If you don't get up and walk it can lead to blood clots which can lead to death. Honestly it helps the recovery time so much as well, the sooner you can get up and walk the easier your recovery will be, at least in my experience and I've had to go through this twice.
as a nursing student this is not the way we should look at this situation! I agree that women’s pain is often overlooked in clinical settings, but in this instance, her nurses are having her get up and walk around to avoid developing something called a deep vein thrombosis - aka a blood clot. DVTs are most often caused by immobility, so early annulation after surgeries is standard procedure, and we try to medicate the patient as much as we can to minimize their pain while they’re walking. believe me, nurses don’t love making people get up and walk while they’re clearly in pain. we’d love to let you rest as long as you need to, but we’re also trying to weigh complications that you haven’t considered!
I couldn’t walk the day after having a C-section because of complications, and when that happens, they put these things on your legs that shake them every fifteen minutes so that you don’t get blood clots. Try sleeping with those things on. Would much rather have walked the day after. Perhaps my experience wasn’t typical, but the pain just wasn’t all that bad for me.
Well, he actually ignored her for the first 48h of the baby being there so i don’t know about that. If you wanna hear them say it, listen to the podcast where they talk about the birth
I remember that about my c sections. They bother you constantly. I’m like “just let me sleep!”❤ it will get better. Prayers for a safe and speedy recovery.
Such sensitive babies in the comments! This video was from his point of view and he was respectful and supportive to his wife and you guys find some fault!

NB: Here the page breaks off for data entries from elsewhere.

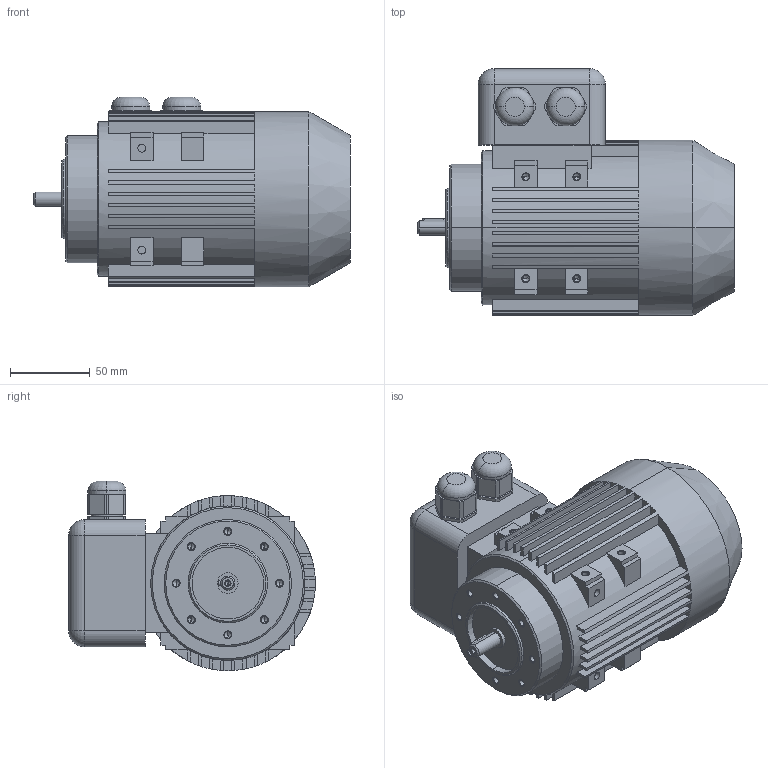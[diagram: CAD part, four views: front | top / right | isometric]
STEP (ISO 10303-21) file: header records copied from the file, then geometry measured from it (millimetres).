
FILE_DESCRIPTION (( 'STEP AP203' ), '1' );
FILE_NAME ('IE-1_56M_80-9(B14).STEP', '2023-06-20T06:13:01', ( '' ), ( '' ), 'SwSTEP 2.0', 'SolidWorks 2022', '' );
FILE_SCHEMA (( 'CONFIG_CONTROL_DESIGN' ));
Length unit declared in the file: millimetre
Products named in the file (1): IE-1_56M_80-9(B14)
Bounding box: 199 x 155 x 119 mm (x, y, z)
Volume: 1725402.4 mm3; surface area: 130856.1 mm2
Topology: 1 solids, 1 shells, 423 faces, 1120 edges, 691 vertices
Faces by surface type: plane 230, cylinder 107, cone 78, torus 4, sphere 4
Entity records: 12921 total; most frequent: DIRECTION 2318, CARTESIAN_POINT 2247, ORIENTED_EDGE 2164, EDGE_CURVE 1082, AXIS2_PLACEMENT_3D 814, VERTEX_POINT 691, LINE 690, VECTOR 690

Matt...I truely appreciate your honesty, humility, and maturity when talking about this. No shade, but a LOT of men (and women) could do with understanding this !!! Thank you for sharing your experiences....and congratulations to all of you, beautiful wee family !!! 🌟🙏🌟
Most new parents have no clue how much their lives will change over night. But you adjust and get to hold this beautiful baby. The love a parent feels for their child is not like anything you've ever felt before. It's actually painful. ❤️
Thank you for sharing the reality of not just the highs but the lows as well💕 that’s really brave and you’re being so supportive to all of the new parents by letting them know it’s okay and normal if things aren’t all sunshine and rainbows right after having a baby
Congratulations beautiful parents! Tell Abby she’s a star. Prayers of quick healing and support going your way. Both of you sleep when the baby sleeps. Don’t worry about anything, accept help when offered it will help you out in a big way. Hugs and Live 🤩
Even with all the help I got from my husband and mom after my emergency c-section, I seriously felt like the world was ending. Childbirth is so hard, the hormone crash is so hard, caring for a newborn while healing is so hard. But it helps tremendously when you have a support system.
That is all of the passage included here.